Why breathe? I mean, in Fu Xi Wen. I'm
Images from 1918 Gray's Anatomy of the Human Body from Bartleby.com
assuming you already know you breathe because of the Krebs cycle that takes place in the mitochondria of every cell where ADP is converted into ATP along the electron transport chain. ATP is the power that runs our body. It's KaqP is hard to beat. Oxygen is the vital component that makes the food we eat combustible for our cellular engines.


In the example treatments in previous chapters, the final component of the Fu Xi Wen process is a very strong inhalation through the mouth followed by a slow exhalation through the nose. Why breathe and why in exactly this way?


Breathing is one of those wonderful ways we take in energy from the outside world and make it personal. But in order for us to insert outside energy into our own, we need to breathe deeply through our mouths. If we only breathe through our noses or if we breathe weakly, then all we are doing is moving around the energy in our energetic boxes and lines of force. A deep, strong inhalation through the mouth draws energy from outside our own energetic shell into our energetic shell. When people are exerting themselves, they almost always breathe through their mouths strongly to pull in as much energy as possible from their environment.

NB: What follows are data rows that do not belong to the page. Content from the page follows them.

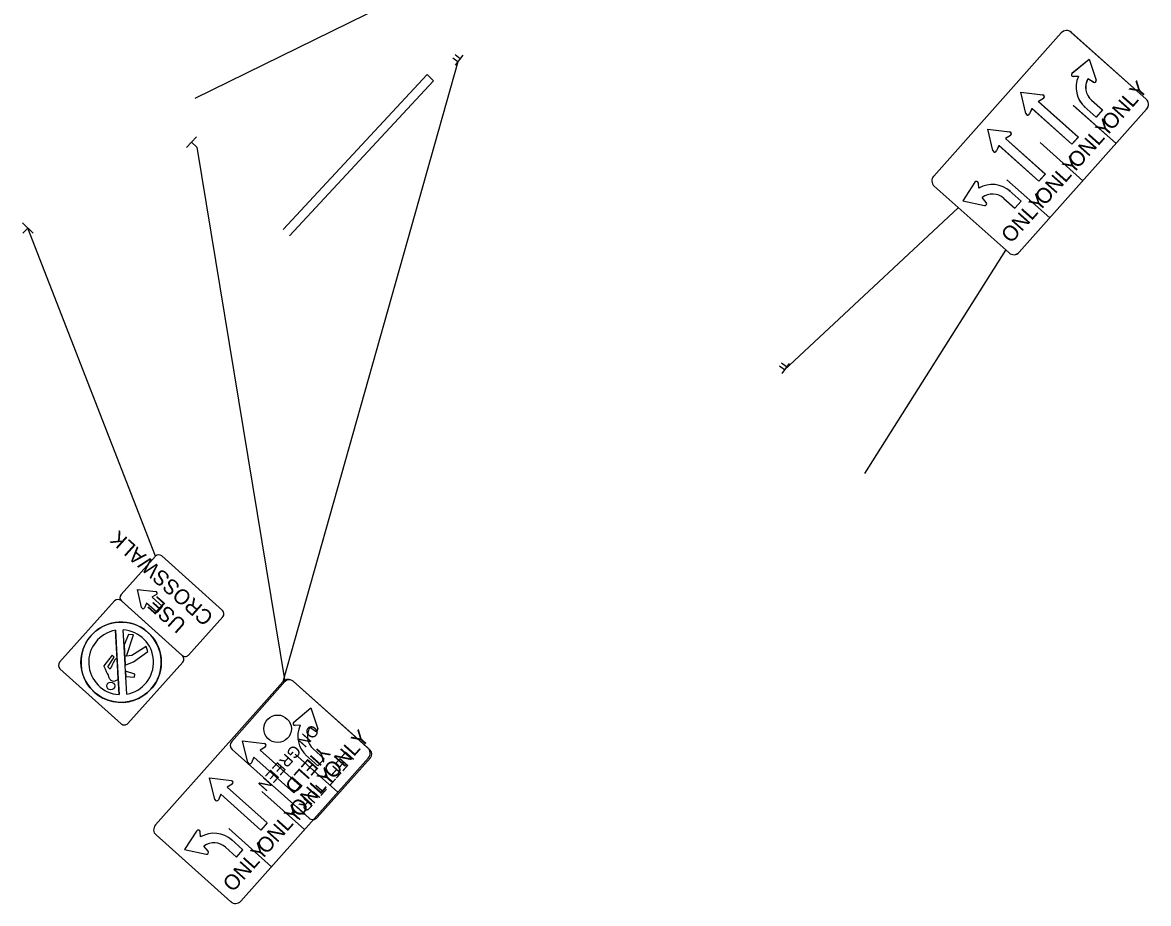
# Model space of a CAD drawing. Extents: x 1472333 to 1475205, y 385587 to 386650.
# Drawn here: x 1473153.5 to 1473399.5, y 385586.8 to 385779.2 of the extents above; entities that cross this region are included whole.
import ezdxf

# ---------------------------------------------------------------- set-up
doc = ezdxf.new("R2010")
doc.units = 0
for name, color, linetype in [('_CIVIL_CONSTRUCTION', 7, 'Continuous'), ('RS_Raster1', 7, 'Continuous'), ('RW_X_CL', 7, 'Continuous'), ('RW_X_CL_500_Cardinal_Points', 7, 'Continuous')]:
    doc.layers.add(name, color=color, linetype=linetype)

msp = doc.modelspace()

# ---------------------------------------------------------------- linework, layer by layer
at = {"layer": '_CIVIL_CONSTRUCTION'}
for p, q in [((1473189.27, 385751.9), (1473191.48, 385754.21)), ((1473190.38, 385753.06), (1473191.53, 385751.95)), ((1473153.47, 385735.4), (1473155.78, 385733.19)), ((1473154.62, 385734.29), (1473153.52, 385733.14)), ((1473182.49, 385662.62), (1473154.62, 385734.29)), ((1473179.47, 385651.44), (1473178.56, 385655.39)), ((1473178.56, 385655.39), (1473182.58, 385654.91)), ((1473181.08, 385653.12), (1473181.08, 385653.12)), ((1473182.72, 385654.27), (1473181.75, 385653.7)), ((1473180.58, 385652.39), (1473180.11, 385651.37)), ((1473180.59, 385652.39), (1473180.58, 385652.39)), ((1473182.88, 385650.33), (1473180.59, 385652.39)), ((1473184.05, 385651.64), (1473182.88, 385650.33)), ((1473174.55, 385632.4), (1473173.8, 385646.46)), ((1473176.62, 385645.55), (1473175.65, 385643.27)), ((1473176.62, 385645.55), (1473175.65, 385643.27)), ((1473175.65, 385643.27), (1473175.88, 385638.91)), ((1473176.18, 385640.78), (1473177.73, 385645.45)), ((1473176.18, 385640.78), (1473177.73, 385645.45)), ((1473177.73, 385645.45), (1473176.62, 385645.55)), ((1473177.73, 385645.45), (1473176.62, 385645.55)), ((1473173.07, 385641.04), (1473171.24, 385638.66)), ((1473173.07, 385641.04), (1473171.24, 385638.66)), ((1473173.51, 385640.58), (1473173.07, 385641.04)), ((1473173.51, 385640.58), (1473173.07, 385641.04)), ((1473177.32, 385640.97), (1473176.18, 385640.78)), ((1473177.32, 385640.97), (1473176.18, 385640.78)), ((1473180.45, 385642.9), (1473177.32, 385640.97)), ((1473180.45, 385642.9), (1473177.32, 385640.97)), ((1473177.74, 385639.58), (1473180.88, 385641.83)), ((1473177.74, 385639.58), (1473180.88, 385641.83)), ((1473180.88, 385641.83), (1473180.45, 385642.9)), ((1473180.88, 385641.83), (1473180.45, 385642.9)), ((1473171.24, 385638.66), (1473171.25, 385638.65)), ((1473171.24, 385638.66), (1473171.25, 385638.65)), ((1473172.08, 385638.44), (1473173.51, 385640.58)), ((1473172.08, 385638.44), (1473173.51, 385640.58)), ((1473172.61, 385637.93), (1473172.08, 385638.44)), ((1473172.61, 385637.93), (1473172.08, 385638.44)), ((1473174.36, 385635.86), (1473174.12, 385640.4)), ((1473175.88, 385638.91), (1473175.89, 385638.82)), ((1473175.89, 385638.82), (1473176.43, 385639.02)), ((1473175.89, 385638.82), (1473176.43, 385639.02)), ((1473176.43, 385639.02), (1473177.74, 385639.58)), ((1473176.43, 385639.02), (1473177.74, 385639.58)), ((1473174.37, 385635.71), (1473174.36, 385635.86)), ((1473178.03, 385636.89), (1473175.96, 385637.53)), ((1473178.03, 385636.89), (1473175.96, 385637.53)), ((1473175.96, 385637.53), (1473175.97, 385637.29)), ((1473176.02, 385636.36), (1473177.94, 385636.19)), ((1473176.02, 385636.36), (1473177.94, 385636.19)), ((1473177.94, 385636.19), (1473178.03, 385636.89)), ((1473177.94, 385636.19), (1473178.03, 385636.89))]:
    msp.add_line(p, q, dxfattribs=at)
for points in [[(1473182.49, 385662.62), (1473175, 385654.27)], [(1473197.14, 385650.79), (1473183.89, 385662.69)], [(1473181.76, 385653.69), (1473184.05, 385651.64)], [(1473173.59, 385652.86), (1473161.57, 385639.47)], [(1473188.4, 385640.91), (1473175, 385652.94)], [(1473175.07, 385652.88), (1473188.33, 385640.98)], [(1473189.72, 385641.05), (1473197.21, 385649.4)], [(1473173.79, 385646.46), (1473174.09, 385640.88), (1473174.09, 385640.88), (1473174.09, 385640.88), (1473174.36, 385635.86), (1473174.36, 385635.86)], [(1473175.97, 385637.29), (1473175.88, 385638.91), (1473175.6, 385644.14), (1473175.47, 385646.55)], [(1473176.45, 385626.11), (1473188.47, 385639.5)], [(1473161.64, 385638.06), (1473175.03, 385626.03)], [(1473174.36, 385635.86), (1473174.55, 385632.4)], [(1473174.36, 385635.86), (1473174.36, 385635.86)], [(1473176.23, 385632.49), (1473176.03, 385636.31), (1473175.96, 385637.29), (1473175.97, 385637.29)], [(1473175.97, 385637.29), (1473176.02, 385636.36), (1473176.02, 385636.36)]]:
    msp.add_lwpolyline(points, dxfattribs=at)
for centre, radius in [((1473175.01, 385639.47), 8.77), ((1473172.74, 385634.29), 0.864)]:
    msp.add_circle(centre, radius, dxfattribs=at)
for centre, radius, start, end in [((1473183.23, 385661.95), 0.989, 48.0785, 138.0785), ((1473174.34, 385652.19), 1, 48.0785, 138.0785), ((1473175.74, 385653.61), 0.989, 138.0785, 228.0785), ((1473182.54, 385654.57), 0.342, 300.4407, 83.1578), ((1473179.8, 385651.51), 0.342, 192.9993, 335.7163), ((1473196.48, 385650.06), 0.989, 318.0785, 48.0785), ((1473175.01, 385639.47), 8.77, 318.0785, 138.0785), ((1473175.01, 385639.47), 7.09, 99.8976, 266.2499), ((1473175.01, 385639.47), 7.09, 99.8976, 266.2499), ((1473175.01, 385639.47), 7.09, 279.9265, 86.3265), ((1473175.01, 385639.47), 7.09, 279.9265, 86.3265), ((1473175.01, 385639.47), 8.77, 138.0785, 318.0785), ((1473188.99, 385641.71), 0.989, 228.0785, 318.0785), ((1473187.73, 385640.17), 1, 318.0785, 48.0785), ((1473162.31, 385638.8), 1, 138.0785, 228.0785), ((1473174.09, 385637.37), 1.54, 280.1537, 280.2069), ((1473175.7, 385626.78), 1, 228.0785, 318.0785)]:
    msp.add_arc(centre, radius, start, end, dxfattribs=at)
for points in [[(1473171.25, 385638.65), (1473171.65, 385637.77), (1473172.26, 385636.37), (1473172.48, 385635.86), (1473172.58, 385635.72), (1473172.71, 385635.61), (1473173.01, 385635.34), (1473173.7, 385635.36), (1473174.11, 385635.58), (1473174.37, 385635.71)], [(1473171.25, 385638.65), (1473171.65, 385637.77), (1473172.26, 385636.37), (1473172.48, 385635.86), (1473172.58, 385635.72), (1473172.71, 385635.61), (1473173.01, 385635.34), (1473173.7, 385635.36), (1473174.11, 385635.58), (1473174.37, 385635.71)], [(1473174.12, 385640.4), (1473174.05, 385640.38), (1473173.86, 385640.26), (1473173.58, 385639.9), (1473173.37, 385639.54), (1473173.03, 385638.87), (1473172.81, 385638.39), (1473172.61, 385637.93)], [(1473174.12, 385640.4), (1473174.05, 385640.38), (1473173.86, 385640.26), (1473173.58, 385639.9), (1473173.37, 385639.54), (1473173.03, 385638.87), (1473172.81, 385638.39), (1473172.61, 385637.93)]]:
    msp.add_open_spline(points, degree=3, dxfattribs=at)
at = {"layer": 'RS_Raster1'}
for p, q in [((1473241.84, 385767.84), (1473210.38, 385733.99)), ((1473211.81, 385732.59), (1473243.28, 385766.46)), ((1473243.28, 385766.46), (1473241.84, 385767.84))]:
    msp.add_line(p, q, dxfattribs=at)
at = {"layer": 'RW_X_CL'}
for p, q in [((1473382.75, 385768.1), (1473386.47, 385771.19)), ((1473386.47, 385771.19), (1473388.02, 385766.61)), ((1473384.14, 385767.39), (1473383.03, 385767.36)), ((1473387.4, 385766.13), (1473386.23, 385766.89)), ((1473371.54, 385763.98), (1473376.34, 385763.38)), ((1473372.69, 385759.29), (1473371.54, 385763.98)), ((1473376.5, 385762.61), (1473375.39, 385761.94)), ((1473375.39, 385761.94), (1473384.13, 385754.16)), ((1473386.98, 385762.22), (1473389.4, 385760.07)), ((1473374.01, 385760.39), (1473373.48, 385759.22)), ((1473382.74, 385752.6), (1473374.01, 385760.39)), ((1473392.37, 385752.75), (1473383.03, 385761.07)), ((1473388.01, 385758.52), (1473385.4, 385760.84)), ((1473385.4, 385760.84), (1473385.59, 385760.66)), ((1473389.4, 385760.07), (1473388.01, 385758.52)), ((1473364.33, 385755.89), (1473369.13, 385755.29)), ((1473365.49, 385751.2), (1473364.33, 385755.89)), ((1473369.29, 385754.52), (1473368.19, 385753.86)), ((1473368.19, 385753.86), (1473376.92, 385746.07)), ((1473384.13, 385754.16), (1473382.74, 385752.6)), ((1473366.8, 385752.3), (1473366.27, 385751.13)), ((1473375.54, 385744.52), (1473366.8, 385752.3)), ((1473385.12, 385744.63), (1473375.79, 385752.94)), ((1473361.54, 385744.29), (1473358.89, 385740.24)), ((1473362.4, 385742.99), (1473362.3, 385744.1)), ((1473377.88, 385736.5), (1473368.55, 385744.81)), ((1473376.92, 385746.07), (1473375.54, 385744.52)), ((1473371.66, 385740.16), (1473369.04, 385742.49)), ((1473369.04, 385742.49), (1473369.25, 385742.32)), ((1473358.89, 385740.24), (1473363.62, 385739.22)), ((1473364.02, 385739.89), (1473363.13, 385740.97)), ((1473367.86, 385740.76), (1473370.27, 385738.61)), ((1473370.27, 385738.61), (1473371.66, 385740.16)), ((1473337.46, 385680.68), (1473368.29, 385729.49))]:
    msp.add_line(p, q, dxfattribs=at)
for points in [[(1473380.39, 385776.89), (1473352.53, 385745.63)], [(1473398.92, 385762.46), (1473382.59, 385777.02)], [(1473371.19, 385728.99), (1473399.05, 385760.26)], [(1473352.66, 385743.42), (1473368.99, 385728.87)]]:
    msp.add_lwpolyline(points, dxfattribs=at)
for centre, radius, start, end in [((1473381.55, 385775.85), 1.56, 48.2955, 138.2955), ((1473383.02, 385767.78), 0.417, 129.7558, 271.6339), ((1473389.48, 385765.02), 5.84, 156.0635, 228.2955), ((1473389.48, 385765.02), 3.75, 150.0723, 228.2955), ((1473387.63, 385766.48), 0.417, 236.9102, 18.7883), ((1473376.29, 385762.96), 0.417, 300.9337, 82.8118), ((1473397.89, 385761.3), 1.56, 318.2955, 48.2955), ((1473373.1, 385759.39), 0.417, 193.7793, 335.6574), ((1473369.08, 385754.88), 0.417, 300.9337, 82.8118), ((1473365.89, 385751.3), 0.417, 193.7793, 335.6574), ((1473353.69, 385744.59), 1.56, 138.2955, 228.2955), ((1473361.88, 385744.06), 0.417, 4.9572, 146.8353), ((1473365.36, 385737.96), 5.84, 48.2955, 120.5275), ((1473365.36, 385737.96), 3.75, 48.2955, 126.5188), ((1473363.7, 385739.63), 0.417, 257.8028, 39.6809), ((1473370.03, 385730.03), 1.56, 228.2955, 318.2955)]:
    msp.add_arc(centre, radius, start, end, dxfattribs=at)
at = {"layer": 'RW_X_CL_500_Cardinal_Points'}
for p, q in [((1473191.19, 385762.67), (1473265.45, 385799.11)), ((1473248.57, 385770.61), (1473247.48, 385771.42)), ((1473249.06, 385771.26), (1473247.97, 385772.08)), ((1473249.63, 385772.03), (1473248, 385769.85)), ((1473382.77, 385768.09), (1473386.48, 385771.18)), ((1473386.48, 385771.18), (1473388.04, 385766.6)), ((1473248.57, 385770.61), (1473210.37, 385635.21)), ((1473248.81, 385770.94), (1473248.81, 385770.94)), ((1473248.81, 385770.94), (1473248.81, 385770.94)), ((1473384.16, 385767.39), (1473383.04, 385767.35)), ((1473387.42, 385766.12), (1473386.24, 385766.89)), ((1473371.56, 385763.98), (1473376.35, 385763.38)), ((1473372.7, 385759.29), (1473371.56, 385763.98)), ((1473376.51, 385762.61), (1473375.41, 385761.94)), ((1473375.41, 385761.94), (1473384.14, 385754.16)), ((1473387, 385762.22), (1473389.41, 385760.06)), ((1473374.02, 385760.39), (1473373.49, 385759.21)), ((1473382.75, 385752.6), (1473374.02, 385760.39)), ((1473392.37, 385752.75), (1473383.05, 385761.07)), ((1473388.02, 385758.51), (1473385.41, 385760.84)), ((1473385.41, 385760.84), (1473385.61, 385760.66)), ((1473389.41, 385760.06), (1473388.02, 385758.51)), ((1473364.34, 385755.9), (1473369.14, 385755.29)), ((1473365.49, 385751.2), (1473364.34, 385755.9)), ((1473369.3, 385754.52), (1473368.2, 385753.86)), ((1473368.2, 385753.86), (1473376.93, 385746.07)), ((1473384.14, 385754.16), (1473382.75, 385752.6)), ((1473191.52, 385751.96), (1473210.81, 385635.24)), ((1473366.81, 385752.3), (1473366.28, 385751.13)), ((1473375.54, 385744.52), (1473366.81, 385752.3)), ((1473385.13, 385744.62), (1473375.8, 385752.94)), ((1473361.54, 385744.29), (1473358.9, 385740.25)), ((1473362.4, 385742.99), (1473362.31, 385744.1)), ((1473377.88, 385736.5), (1473368.55, 385744.81)), ((1473376.93, 385746.07), (1473375.54, 385744.52)), ((1473371.66, 385740.16), (1473369.05, 385742.49)), ((1473369.05, 385742.49), (1473369.25, 385742.32)), ((1473358.9, 385740.25), (1473363.62, 385739.22)), ((1473364.03, 385739.9), (1473363.13, 385740.97)), ((1473367.86, 385740.76), (1473370.27, 385738.61)), ((1473370.27, 385738.61), (1473371.66, 385740.16)), ((1473319.91, 385703.33), (1473357.91, 385738.74)), ((1473320.4, 385703.98), (1473319.31, 385704.79)), ((1473320.97, 385704.74), (1473319.34, 385702.56)), ((1473319.91, 385703.33), (1473318.82, 385704.14)), ((1473320.16, 385703.65), (1473320.16, 385703.65)), ((1473320.16, 385703.65), (1473320.16, 385703.65)), ((1473212.73, 385626.42), (1473216.45, 385629.51)), ((1473216.45, 385629.51), (1473218.01, 385624.93)), ((1473214.12, 385625.71), (1473213.01, 385625.68)), ((1473217.38, 385624.45), (1473216.21, 385625.21)), ((1473201.52, 385622.31), (1473206.32, 385621.7)), ((1473202.67, 385617.61), (1473201.52, 385622.31)), ((1473203.99, 385618.71), (1473203.46, 385617.54)), ((1473212.72, 385610.93), (1473203.99, 385618.71)), ((1473206.48, 385620.93), (1473205.37, 385620.27)), ((1473205.37, 385620.27), (1473214.11, 385612.48)), ((1473222.34, 385611.07), (1473213.01, 385619.39)), ((1473217.99, 385616.83), (1473215.38, 385619.16)), ((1473215.38, 385619.16), (1473215.57, 385618.98)), ((1473216.96, 385620.54), (1473219.38, 385618.39)), ((1473219.38, 385618.39), (1473217.99, 385616.83)), ((1473194.31, 385614.22), (1473199.11, 385613.62)), ((1473195.46, 385609.53), (1473194.31, 385614.22)), ((1473199.27, 385612.85), (1473198.16, 385612.18)), ((1473198.16, 385612.18), (1473206.9, 385604.4)), ((1473215.09, 385602.95), (1473205.77, 385611.27)), ((1473214.11, 385612.48), (1473212.72, 385610.93)), ((1473196.78, 385610.63), (1473196.25, 385609.45)), ((1473205.51, 385602.84), (1473196.78, 385610.63)), ((1473206.9, 385604.4), (1473205.51, 385602.84)), ((1473191.51, 385602.62), (1473188.86, 385598.57)), ((1473192.37, 385601.32), (1473192.27, 385602.42)), ((1473207.85, 385594.82), (1473198.52, 385603.14)), ((1473194, 385598.22), (1473193.1, 385599.3)), ((1473197.83, 385599.08), (1473200.24, 385596.93)), ((1473201.63, 385598.49), (1473199.02, 385600.82)), ((1473199.02, 385600.82), (1473199.22, 385600.64)), ((1473188.86, 385598.57), (1473193.59, 385597.55)), ((1473200.24, 385596.93), (1473201.63, 385598.49))]:
    msp.add_line(p, q, dxfattribs=at)
for points in [[(1473380.41, 385776.89), (1473352.53, 385745.63)], [(1473398.94, 385762.45), (1473382.61, 385777.01)], [(1473371.19, 385728.99), (1473399.06, 385760.25)], [(1473352.66, 385743.43), (1473368.99, 385728.87)], [(1473210.37, 385635.21), (1473182.5, 385603.96)], [(1473199.17, 385622.18), (1473210.81, 385635.24)], [(1473228.9, 385620.78), (1473212.58, 385635.34)], [(1473212.58, 385635.34), (1473229.37, 385620.36)], [(1473216.06, 385605.44), (1473199.27, 385620.41)], [(1473201.16, 385587.32), (1473229.03, 385618.57)], [(1473229.47, 385618.6), (1473217.82, 385605.54)], [(1473182.63, 385601.75), (1473198.95, 385587.19)]]:
    msp.add_lwpolyline(points, dxfattribs=at)
msp.add_circle((1473209.2, 385624.95), 3, dxfattribs=at)
for centre, radius, start, end in [((1473381.57, 385775.85), 1.56, 48.2737, 138.2737), ((1473383.03, 385767.77), 0.417, 129.734, 271.6121), ((1473389.49, 385765.01), 5.84, 156.0417, 228.2737), ((1473389.49, 385765.01), 3.75, 150.0505, 228.2737), ((1473387.64, 385766.47), 0.417, 236.8884, 18.7665), ((1473376.3, 385762.96), 0.417, 300.9119, 82.79), ((1473397.9, 385761.29), 1.56, 318.2737, 48.2737), ((1473373.11, 385759.39), 0.417, 193.7575, 335.6356), ((1473369.09, 385754.88), 0.417, 300.9119, 82.79), ((1473365.9, 385751.3), 0.417, 193.7575, 335.6356), ((1473353.7, 385744.59), 1.56, 138.2737, 228.2737), ((1473361.89, 385744.06), 0.417, 4.9354, 146.8135), ((1473365.37, 385737.96), 5.84, 48.2737, 120.5057), ((1473365.37, 385737.96), 3.75, 48.2737, 126.497), ((1473363.71, 385739.63), 0.417, 257.781, 39.6591), ((1473370.03, 385730.03), 1.56, 228.2737, 318.2737), ((1473211.54, 385634.17), 1.56, 48.2737, 138.2737), ((1473211.75, 385634.41), 1.25, 48.2737, 138.2737), ((1473213, 385626.1), 0.417, 129.734, 271.6121), ((1473219.46, 385623.34), 5.84, 156.0417, 228.2737), ((1473219.46, 385623.34), 3.75, 150.0505, 228.2737), ((1473217.61, 385624.8), 0.417, 236.8884, 18.7665), ((1473200.1, 385621.34), 1.25, 138.2737, 228.2737), ((1473206.27, 385621.29), 0.417, 300.9119, 82.79), ((1473227.86, 385619.61), 1.56, 318.2737, 48.2737), ((1473228.54, 385619.43), 1.25, 318.2737, 48.2737), ((1473203.08, 385617.71), 0.417, 193.7575, 335.6356), ((1473199.06, 385613.2), 0.417, 300.9119, 82.79), ((1473195.87, 385609.63), 0.417, 193.7575, 335.6356), ((1473183.67, 385602.92), 1.56, 138.2737, 228.2737), ((1473216.89, 385606.37), 1.25, 228.2737, 318.2737), ((1473191.86, 385602.39), 0.417, 4.9354, 146.8135), ((1473195.33, 385596.29), 5.84, 48.2737, 120.5057), ((1473195.33, 385596.29), 3.75, 48.2737, 126.497), ((1473193.67, 385597.96), 0.417, 257.781, 39.6591), ((1473199.99, 385588.36), 1.56, 228.2737, 318.2737)]:
    msp.add_arc(centre, radius, start, end, dxfattribs=at)

# ---------------------------------------------------------------- texts
at = {"layer": '_CIVIL_CONSTRUCTION'}
for s, p in [('CROSSWALK', (1473195.41, 385649.6)), ('USE', (1473189.49, 385648))]:
    msp.add_text(s, height=3.296, rotation=138.0785, dxfattribs=at).set_placement(p)
at = {"layer": 'RW_X_CL'}
for p in [(1473391.4, 385755.43), (1473383.99, 385747.12), (1473376.78, 385739.03), (1473369.44, 385730.79)]:
    msp.add_text('ONLY', height=3.333, rotation=48.2955, dxfattribs=at).set_placement(p)
at = {"layer": 'RW_X_CL_500_Cardinal_Points'}
for s, height, rotation, p in [('ONLY', 3.333, 48.2737, (1473391.41, 385755.43)), ('ONLY', 3.333, 48.2737, (1473384, 385747.11)), ('ONLY', 3.333, 48.2737, (1473376.79, 385739.02)), ('ONLY', 3.333, 48.2737, (1473369.44, 385730.79)), ('ON GREEN', 2.503, 228.2737, (1473216.63, 385626.09)), ('ONLY', 3.333, 48.2737, (1473221.38, 385613.75)), ('YIELD', 3.128, 228.2737, (1473218.62, 385621.59)), ('LEFT TURN', 2.503, 228.2737, (1473224.24, 385620.21)), ('ONLY', 3.333, 48.2737, (1473213.97, 385605.44)), ('ONLY', 3.333, 48.2737, (1473206.75, 385597.35)), ('ONLY', 3.333, 48.2737, (1473199.41, 385589.11))]:
    msp.add_text(s, height=height, rotation=rotation, dxfattribs=at).set_placement(p)

doc.saveas('drawing.dxf')

A strong exhalation through the mouth dispatches our own energy from our energetic shell. This is helpful in getting rid of colds and flues and is why our bodies are designed to cough and sneeze. In acupuncture theory, strong exhalations are used when we are ridding ourselves of excessive energy. I personally believe there is no need to remove energy from our system if we can convert unhelpful energy into helpful energy – which is the process of using Fu Xi Wen treatment tools that spin the Element wheel along either the Generating Cycle or the Controlling Cycle. But viral Qi is different. It is too difficult (perhaps impossible) to integrate and therefore should be purged.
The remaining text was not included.